Coles was born in New Hampshire. He graduated from Castleton Medical College in 1825. He trained as a minister and was associated with William Miller. Coles married Sarah Marshall Dyar on February 14, 1827. They had five children of whom two died in early youth. He resided in Boston in 1844 and joined the Boston Medical Society and the Massachusetts Medical Society.

Coles' best known work was Philosophy of Health, first published in 1848 which went through many editions. It had sold 35,000 copies during its first 5 years. The twenty-sixth edition appeared in 1851. The book espoused Christian health reform with arguments for exercise, fresh air, vegetarianism, non-use of stimulants, sexual purity and drugless medicine. Coles defended vegetarianism from a nutritional, physiological and religious basis.

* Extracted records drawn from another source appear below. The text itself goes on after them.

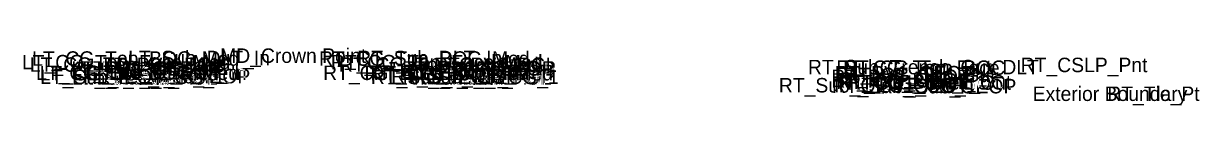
# Model space of a CAD drawing. Extents: x -26 to 6300, y -10 to 9528.
# Drawn here: x 2126 to 2207.4, y 5017.8 to 5021.8 of the extents above; entities that cross this region are included whole.
import ezdxf

# ---------------------------------------------------------------- set-up
doc = ezdxf.new("R2010")
doc.units = 0
doc.layers.add('Default', color=7, linetype='Continuous')

msp = doc.modelspace()

# ---------------------------------------------------------------- texts
at = {"layer": 'Default'}
for s, p in [('LT_CG_Top_Face_Med', (2125.866, 5020.258)), ('LT_CG_Top_Gut_Med', (2126.418, 5020.091)), ('LT_CG_Top_BOC_Med', (2126.569, 5020.508)), ('LT_PV1_PGL', (2131.503, 5020.076)), ('LT_Sub_DLT_In', (2133.217, 5020.548)), ('MD_Crown Point', (2139.582, 5020.708)), ('RT_CG_Top_BOC_Med', (2146.431, 5020.508)), ('RT_CG_Top_Face_Med', (2147.246, 5020.258)), ('RT_CG_Top_Gut_Med', (2147.8, 5020.091)), ('RT_Sub_DLT_In', (2149.068, 5020.548)), ('RT_PV1_PGL', (2154.385, 5020.076)), ('RT_Sub_Trench_Out_DLT', (2180.257, 5019.918)), ('RT_CSLP_Pnt', (2194.982, 5020.066)), ('LT_CG_Bot_BOC_Med', (2126.846, 5019.523)), ('LT_CG_Bot_IE_Med', (2127.094, 5019.493)), ('LT_Sub_IEOT_CG_1', (2127.125, 5019.243)), ('LT_PV2_OEEOP', (2129.285, 5019.826)), ('LT_PV3_OEEOP', (2129.285, 5019.576)), ('LT_Sub_OEEOP', (2129.332, 5019.201)), ('LT_PV2_IEEOP', (2130.046, 5019.826)), ('LT_Sub_IEEOP', (2130.093, 5019.201)), ('LT_CG1_Shelf_In', (2130.712, 5019.533)), ('LT_PV2_PGL', (2131.264, 5019.826)), ('LT_Sub_PGL', (2131.311, 5019.201)), ('LT_Sub_IEOP', (2133.045, 5019.288)), ('RT_CG_Bot_BOC_Med', (2146.708, 5019.523)), ('RT_CG1_Shelf_In', (2149.573, 5019.533)), ('RT_CG_Bot_IE_Med', (2149.976, 5019.493)), ('RT_Sub_IEOT_CG_1', (2150.007, 5019.243)), ('RT_Sub_IEOP', (2151.417, 5019.288)), ('RT_PV2_OEEOP', (2152.167, 5019.826)), ('RT_PV3_OEEOP', (2152.167, 5019.576)), ('RT_Sub_OEEOP', (2152.214, 5019.201)), ('RT_PV2_IEEOP', (2152.928, 5019.826)), ('RT_Sub_IEEOP', (2152.975, 5019.201)), ('RT_PV2_PGL', (2154.145, 5019.826)), ('RT_Sub_PGL', (2154.192, 5019.201)), ('RT_PV2_OEOT', (2181.873, 5019.246)), ('RT_PV1_OEOT', (2182.112, 5019.496)), ('RT_CG_Top_Face', (2182.225, 5019.876)), ('RT_CG_Top_BOC', (2182.694, 5019.876)), ('RT_CG_Top_Gut', (2182.752, 5019.376)), ('RT_Sub_OEOT_CG_1', (2178.247, 5018.663)), ('RT_PV3_OEOT', (2181.873, 5018.996)), ('RT_Sub_OEOT', (2181.92, 5018.621)), ('RT_CG_Bot_IE', (2182.221, 5018.913)), ('RT_CG1_Shelf_Out', (2182.36, 5018.853)), ('RT_CG_Bot_BOC', (2182.97, 5018.863)), ('RT_Sub_OEOP', (2185.166, 5018.598)), ('Exterior Boundary', (2195.809, 5018.073)), ('RT_Tie_Pt', (2200.972, 5018.073))]:
    msp.add_text(s, height=1, dxfattribs=at).set_placement(p)

doc.saveas('drawing.dxf')

Coles died in January 1856, whilst visiting Louisville, Kentucky.

==Anti-tobacco activism==

Coles was an early crusader against tobacco. He authored The Beauties and Deformities of Tobacco-Using in 1853, which described tobacco as "a deadly narcotic".

==Influence on Ellen G. White==

Coles's health views influenced Ellen G. White. White frequently lifted passages from Coles's work without attribution.

==Selected publications==

- Philosophy of Health: Natural Principles of Health and Cure (1848, 1854)
- The Beauties and Deformities of Tobacco-Using (1853)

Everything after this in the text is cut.